TheCrimsonQueen · 28/05/2015 18:51

Candles - once again well said. You are contributing to society not just through taxes but the type of hard back breaking work that you do.

Whoever said what your tax contribution is so small so as to not count by way of a subsidy is truly ignorant. Every contribution helps. Every £1 of taxation helps us sustain schools, the NHS and pensions to name but a few.

Rudawakening · 28/05/2015 18:52

Surely if benefits were regionalised there would be people that moved to those areas from areas were benefits weren't as much?

This would cause more issues for the local infrastructure and drive rents up more.

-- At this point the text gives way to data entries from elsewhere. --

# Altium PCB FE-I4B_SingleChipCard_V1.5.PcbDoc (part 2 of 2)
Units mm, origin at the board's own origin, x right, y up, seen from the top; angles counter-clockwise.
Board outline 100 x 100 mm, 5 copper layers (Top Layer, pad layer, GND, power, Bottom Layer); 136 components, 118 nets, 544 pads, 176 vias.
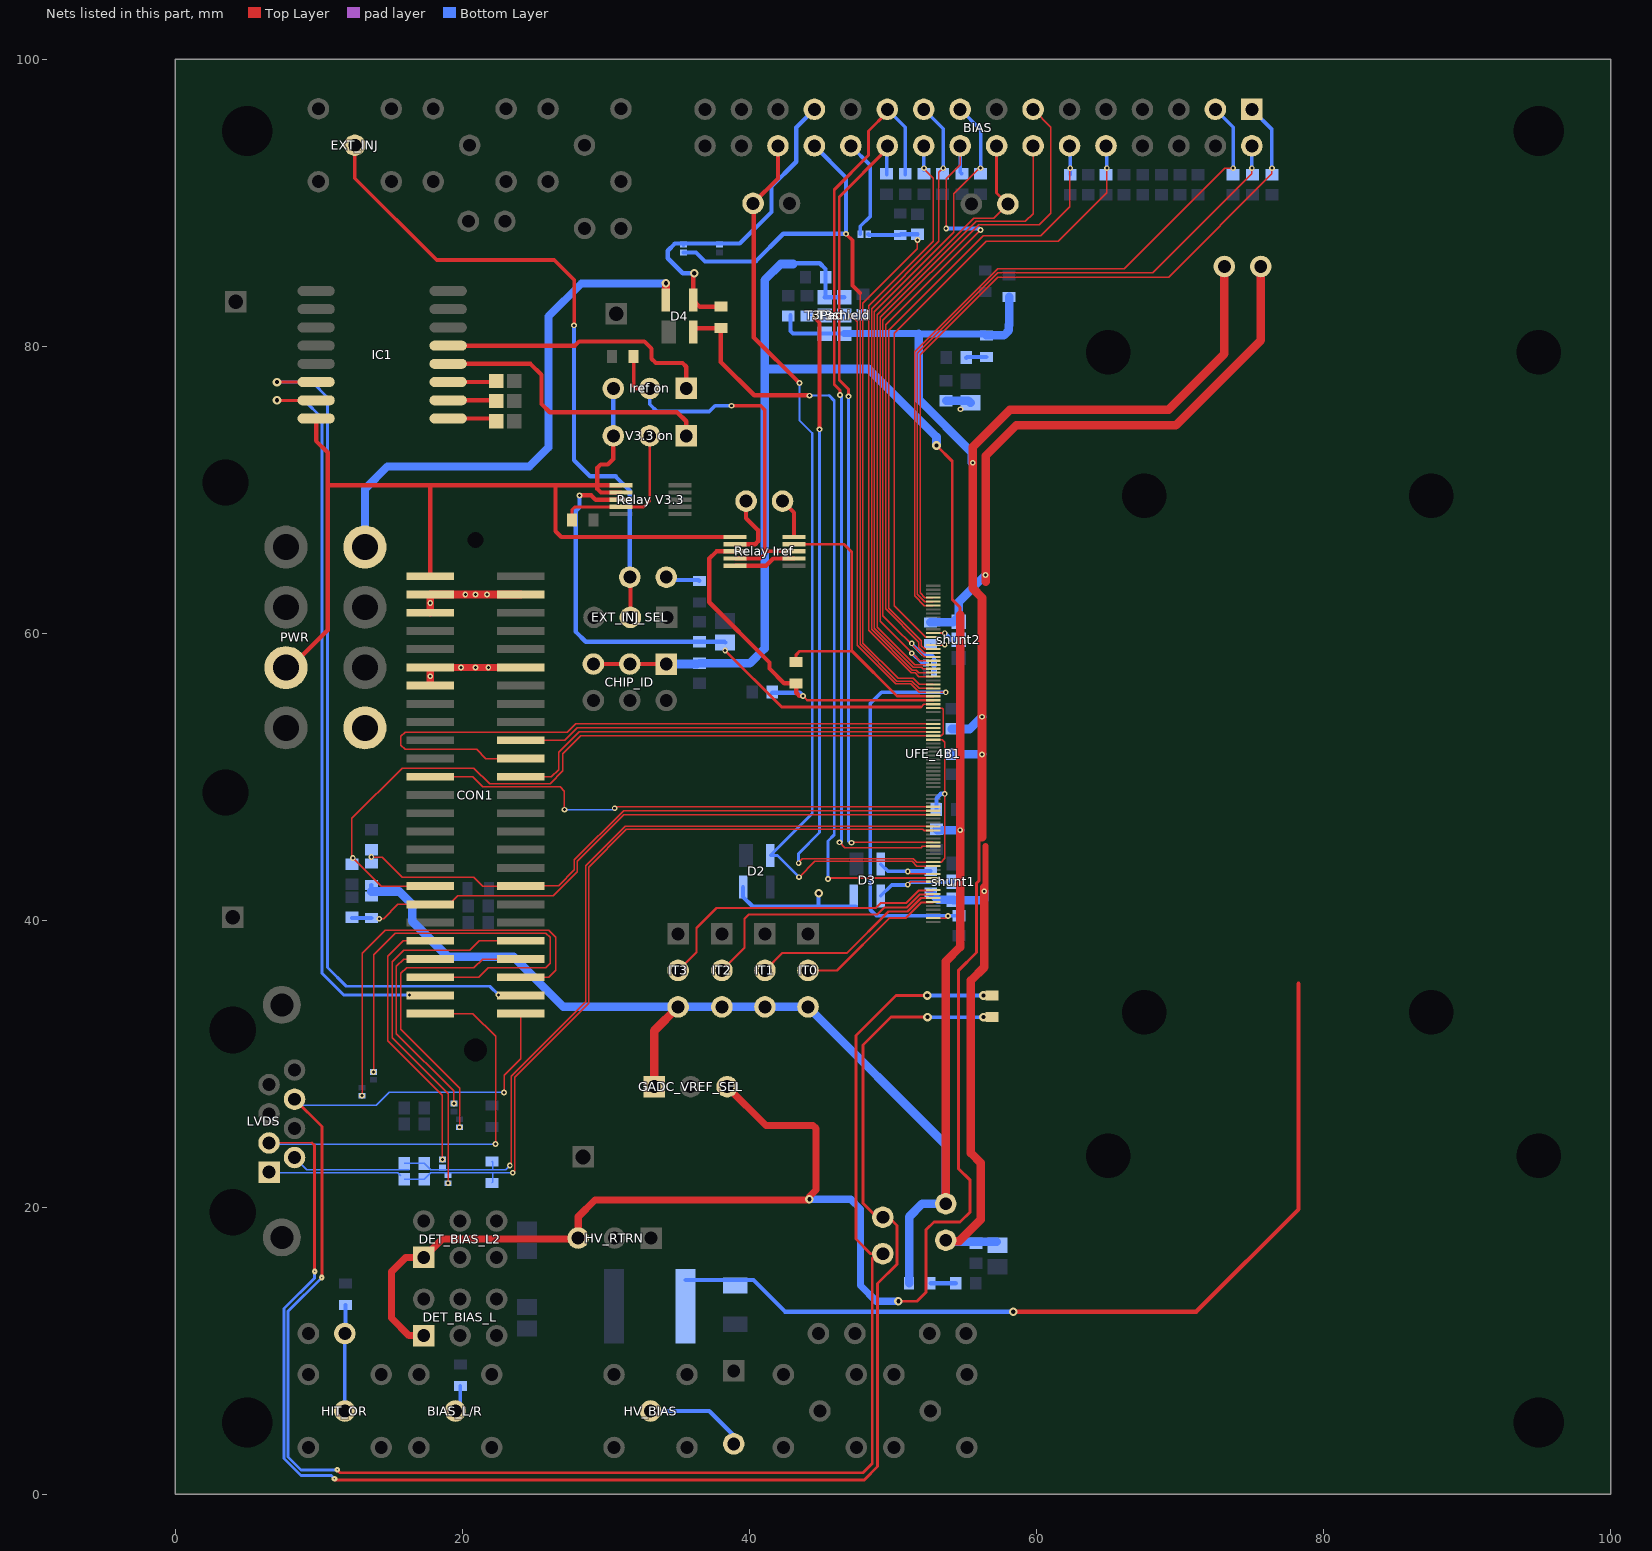
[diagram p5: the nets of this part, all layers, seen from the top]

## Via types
v1: diameter 0.4, hole 0.2, Top Layer to Bottom Layer, 157 vias
v2: diameter 0.6, hole 0.3, Top Layer to Bottom Layer, 13 vias
v3: diameter 0.4, hole 0.102, Top Layer to Bottom Layer, 4 vias
v4: diameter 0.25, hole 0, Top Layer to Bottom Layer, 2 vias

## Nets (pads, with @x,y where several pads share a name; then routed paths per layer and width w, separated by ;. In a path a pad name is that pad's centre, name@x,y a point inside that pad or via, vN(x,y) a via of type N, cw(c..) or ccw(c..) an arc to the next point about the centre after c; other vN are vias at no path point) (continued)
IREFEN: "Iref on.2" "Relay Iref.4" "Relay Iref.8" R22.2 | length 27.1
  Top Layer w0.254: R22.2@31.925,79.275 31.925,77.2 32.075,77.05 33.05,77.05 ; v1(38.75,75.85) 40.775,75.85 41.05,75.575 41.05,65.7 ; 39,65.2 40.75,65.2 41.05,65.5 41.05,65.7 ; 43.1,65.7 41.05,65.7
  Bottom Layer w0.254: 33.05,77.05 33.05,75.95 33.55,75.45 37.2,75.45 37.6,75.85 v1(38.75,75.85)
IREFON: "Iref on.1" IC1.5 | length 19.4
  Top Layer w0.3: IC1.5@19,80.035 27.835,80.035 28.125,80.325 32.675,80.325 33.175,79.825 33.175,79.125 33.475,78.825 35.325,78.825 35.59,78.56 35.59,77.05
IREFOUT: "Relay Iref.9" sj3.1 UFE_4B1.29 | length 22.6
  Top Layer w0.15: 51.8,55.6 UFE_4B1.29@52.8,55.6
  Top Layer w0.2: 43.1,66.2 46.575,66.2 47.125,65.65 47.125,58.775 50.275,55.625 51.825,55.625 ; sj3.1@43.25,58 43.25,58.5 43.49,58.74 43.735,58.74 47.11,58.74
IREFTUNE0: IT0.2 UFE_4B1.125 | length 10.7
  Top Layer w0.15: IT0.2@44.075,36.5 46.1,36.5 49.76,40.16 50.902,40.16 51.982,41.24 52.765,41.24 UFE_4B1.125@52.8,41.275
IREFTUNE1: IT1.2 UFE_4B1.124 | length 13.8
  Top Layer w0.15: IT1.2@41.075,36.5 42.3,37.725 46.8,37.725 49.685,40.61 51.013,40.61 51.953,41.55 UFE_4B1.124@52.8,41.55
IREFTUNE2: IT2.2 UFE_4B1.123 | length 18.1
  Top Layer w0.15: IT2.2@38.075,36.5 39.65,38.075 39.65,40.1 39.95,40.4 48.9,40.4 49.387,40.888 50.951,40.888 51.854,41.79 52.765,41.79 UFE_4B1.123@52.8,41.825
IREFTUNE3: IT3.2 UFE_4B1.122 | length 21.1
  Top Layer w0.15: IT3.2@35.025,36.5 36.3,37.775 36.3,39.45 37.7,40.85 48.8,40.85 49.15,41.2 50.924,41.2 51.789,42.065 52.765,42.065 UFE_4B1.122@52.8,42.1
LVDSDRVIREF: BIAS.19 C42.1 UFE_4B1.17 | length 44.5
  Top Layer w0.1: UFE_4B1.17@52.8,57.25 51.8,57.25 51.63,57.42 51.342,57.42 48.5,60.262 48.5,82.6 53.2,87.3 53.2,92.1 v1(53.5,92.4)
  Bottom Layer w0.25: BIAS.19@52.14,96.5 53.5,95.14 C42.1@53.5,92.3
LVDSDRVVOS: BIAS.20 C57.1 UFE_4B1.18 | length 42
  Top Layer w0.1: v1(52.15,92.4) 52.15,92.35 52.8,91.7 52.8,87.3 48.3,82.8 48.3,60.194 51.264,57.23 51.551,57.23 51.806,56.975 UFE_4B1.18@52.8,56.975
  Bottom Layer w0.25: BIAS.20@52.14,93.96 52.15,93.95 52.15,92.25 52.2,92.3 C57.1@52.15,92.35
LVDSRECVBN: BIAS.22 C59.1 UFE_4B1.94 | length 57.9
  Top Layer w0.1: v1(47.1,45.4) 47.125,45.425 UFE_4B1.94@52.8,45.425 ; BIAS.22@49.6,93.75 BIAS.22@49.6,93.96
  Top Layer w0.2: v1(46.9,76.5) 46.9,77 46.25,77.65 46.25,90.4 BIAS.22@49.6,93.75
  Bottom Layer w0.2: 46.9,45.5 v1(46.9,76.5)
  Bottom Layer w0.25: C59.1@49.55,91.95 49.55,93.91 BIAS.22@49.6,93.96
LVDSRECVBP: BIAS.21 C44.1 UFE_4B1.95 | length 64.7
  Top Layer w0.1: v1(46.275,45.425) 46.635,45.065 46.954,45.065 46.959,45.06 47.241,45.06 47.246,45.065 51.965,45.065 52.05,45.15 UFE_4B1.95@52.8,45.15 ; BIAS.21@49.6,96.3 BIAS.21@49.6,96.5
  Top Layer w0.2: v1(46.3,76.6) 46.3,76.925 45.9,77.325 45.9,90.9 48.3,93.3 48.3,95 BIAS.21@49.6,96.3
  Bottom Layer w0.2: v1(46.275,45.425) 46.325,45.425 46.4,45.5 46.4,76.5 v1(46.3,76.6)
  Bottom Layer w0.25: BIAS.21@49.6,96.5 50.85,95.25 C44.1@50.85,91.95
NC1: "Relay Iref.5" "Relay Iref.7" | length 4.3
  Top Layer w0.3: 39,64.7 41.15,64.7 41.65,65.2 43.1,65.2
NetBIAS_L/R_1: BIAS_L/R.1 R1.1 | length 1.9
  Bottom Layer w0.254: BIAS_L/R.1@19.5,5.8 19.85,6.15 R1.1@19.85,7.55
NetCON1_41: CON1.41 JP2.2 | length 19.1
  Top Layer w0.1: CON1.41@17.75,38.565 15.865,38.565 14.8,37.5 14.8,31.6 18.6,27.8 v1(18.6,23.325)
NetCON1_42: CON1.42 JP1.2 | length 26.6
  Top Layer w0.1: v1(19,21.675) 19,27.9 15.1,31.8 15.1,37.1 15.9,37.9 20.5,37.9 21.165,38.565 CON1.42@24.05,38.565
NetCON1_43: CON1.43 JP4.2 | length 13.9
  Top Layer w0.1: CON1.43@17.75,37.295 15.895,37.295 15.4,36.8 15.4,32.1 19.4,28.1 19.4,27.3 v1@19.3,27.2
  other v1: 19.4,27.225
NetCON1_44: CON1.44 JP3.2 | length 21.2
  Top Layer w0.1: v1@19.7,25.575 19.8,25.675 19.8,28.3 15.7,32.4 15.7,36.3 16.1,36.7 20.8,36.7 21.395,37.295 CON1.44@24.05,37.295
  other v1: 19.8,25.575
NetCON1_45: CON1.45 JP6.2 | length 31.8
  Top Layer w0.1: v1(13.8,29.425) 13.8,37.6 15.3,39.1 25.8,39.1 26.1,38.8 26.1,37 25.8,36.7 21.8,36.7 21.125,36.025 CON1.45@17.75,36.025
NetCON1_46: CON1.46 JP5.2 | length 29.2
  Top Layer w0.1: v1(13,27.775) 13,37.7 14.6,39.3 26,39.3 26.5,38.8 26.5,36.5 26.025,36.025 CON1.46@24.05,36.025
NetCR1_1: CR1.1 RR1.1 | length 1.8
  Bottom Layer w0.3: RR1.1@52.625,14.7 CR1.1@54.375,14.7
NetCR2_1: CR2.1 RR2.1 | length 1.4
  Bottom Layer w0.3: CR2.1@55.1,79.2 55.15,79.25 RR2.1@56.5,79.25
NetEXT_INJ_1: EXT_INJ.1 EXT_INJ_SEL.2 JPterm.2 | length 46.5
  Top Layer w0.254: EXT_INJ.1@12.5,94 12.5,91.7 18.2,86 26.4,86 27.775,84.625 v1(27.775,81.45)
  Top Layer w0.3: JPterm.2@31.66,63.7 31.7,63.66 EXT_INJ_SEL.2@31.7,61.1
  Bottom Layer w0.3: v1@27.775,81.475 v1(27.775,81.45) 27.775,72.05 28.9,70.925 30.67,70.925 31.66,69.935 JPterm.2@31.66,63.9
NetHIT_OR_1: HIT_OR.1 HitOr.1 R11.1 | length 7.4
  Top Layer w0.254: HitOr.1@11.8,11.2 HitOr.1@11.85,11.25
  Bottom Layer w0.254: HIT_OR.1@11.8,5.8 HitOr.1@11.8,11.2 ; HitOr.1@11.85,11.25 R11.1@11.85,13.2
NetHV_BIAS_1: HV_BIAS.1 sHV.3 | length 7.8
  Bottom Layer w0.3: HV_BIAS.1@33.1,5.8 37.2,5.8 sHV.3@38.9,4.1 ; sHV.3@38.9,4.1 39,4 39,3.61 sHV.3@38.9,3.51 sHV.3@38.9,4.1
NetIC1_1: IC1.1 P1.2 | length 3.4
  Top Layer w0.3: IC1.1@19,74.955 22.179,74.955 P1.2@22.361,74.773
NetIC1_2: IC1.2 P2.2 | length 3.4
  Top Layer w0.3: IC1.2@19,76.225 22.309,76.225 P2.2@22.361,76.173
NetIC1_3: IC1.3 P3.2 | length 3.4
  Top Layer w0.3: IC1.3@19,77.495 22.283,77.495 P3.2@22.361,77.573
NetIref_1: "Relay Iref.10" Iref.1 | length 2.8
  Top Layer w0.3: Iref.1@42.3,69.2 43.1,68.4 43.1,66.7
NetIref_2: "Relay Iref.2" Iref.2 | length 4.8
  Top Layer w0.3: 39,66.2 40.4,66.2 40.6,66.4 40.6,67.17 39.76,68.01 Iref.2@39.76,69.2
NetJPterm_1: JPterm.1 R5.2 | length 2.4
  Bottom Layer w0.1: R5.2@36.45,63.7 R5.2@36.5,63.65
  Bottom Layer w0.3: JPterm.1@34.2,63.7 36.45,63.7 R5.2@36.5,63.65
NetR21_2: "Relay V3.3.4" "V3.3 on.2" R21.2 | length 10.9
  Top Layer w0.2: R21.2@27.625,67.875 27.625,68.6 27.825,68.8 31.05,68.8 32.625,68.8 33.05,69.225 33.05,73.75
NTC1: CON1.49 EXT_NTC.1 LVDS.3 NTC.2 | length 137.4
  Top Layer w0.1: LVDS.3@6.52,24.476 9.524,24.476 ; CON1.49@17.75,33.485 20.715,33.485 22.3,31.9 v1(22.3,24.4)
  Top Layer w0.2: 9.524,24.476 9.7,24.3 v3(9.7,15.525) ; v3@11.075,1 48,1 48.925,1.925 48.925,14.675 50.275,16.025 50.275,18.725 49.7,19.3 48.875,19.3 47.9,20.275 47.9,31.3 49.85,33.25 v2(52.4,33.25)
  Bottom Layer w0.1: LVDS.3@6.52,24.476 6.596,24.4 v1(22.3,24.4)
  Bottom Layer w0.2: v3(9.7,15.525) 9.7,15.075 7.56,12.935 7.56,2.48 8.74,1.3 10.85,1.3 v3(11.075,1.075)
  Bottom Layer w0.25: v2(52.4,33.25) v2(56.3,33.25)
NTC2: CON1.50 EXT_NTC.2 LVDS.6 NTC.1 | length 130.1
  Top Layer w0.1: v1(22.9,28) 22.9,29.2 24.05,30.35 CON1.50@24.05,33.485
  Top Layer w0.2: LVDS.6@8.298,27.524 10.2,25.622 v3(10.2,15.1) ; v3(11.275,1.7) 11.475,1.5 47.9,1.5 48.55,2.15 48.55,16.435 48.875,16.76 48.44,16.76 47.425,17.775 47.425,31.975 50.2,34.75 v2(52.375,34.75)
  Bottom Layer w0.1: LVDS.6@8.298,27.524 8.722,27.1 14,27.1 14.9,28 v1(22.9,28)
  Bottom Layer w0.2: v3(10.2,15.1) 7.85,12.75 7.85,2.6 8.75,1.7 v3(11.275,1.7)
  Bottom Layer w0.25: v2(52.375,34.75) v2(56.3,34.75)
PLLIBIAS: BIAS.18 C41.1 UFE_4B1.14 | length 44.7
  Top Layer w0.1: UFE_4B1.14@52.8,58.625 52.175,58.625 51.785,59.015 51.785,59.378 49.513,61.65 49.5,61.65 49.5,81.5 v1(56.1,88.1) ; v1(53.7,88.2) 53.7,91.65 54.68,92.63 BIAS.18@54.68,93.96
  pad layer w0.1: v1(53.7,88.2) v1@53.8,88.1
  Bottom Layer w0.25: v1(53.7,88.2) 56,88.2 v1(56.1,88.1) ; BIAS.18@54.68,93.96 54.68,92.12 C41.1@54.8,92
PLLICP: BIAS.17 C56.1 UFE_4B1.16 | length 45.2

SodiumReindeer · 28/05/2015 18:53

Yes, I get it. But Waitrose are a business wanting to make a profit and so are landlords, therefore they charge the prices that they can and people who can afford it pay it, people who can't go elsewhere to shop or to live. It's not the fault of landlords that the system of housing benefit has pushed the prices up. If housing benefit didn't cover those costs then the landlords would just refuse to rent to those on housing benefit and then they'd have to go and live where they can afford rather than where they want to live.

morethanpotatoprints · 28/05/2015 18:53

32

Yes, I think it's very foolish. My dc also thrived without childcare and I lukily am not in need of a career, so yes to me it's stupid and I preferred to spend time with my dc.
It's each to their own.
As rainbow suggested she was somehow superior, I was pointing out she wasn't.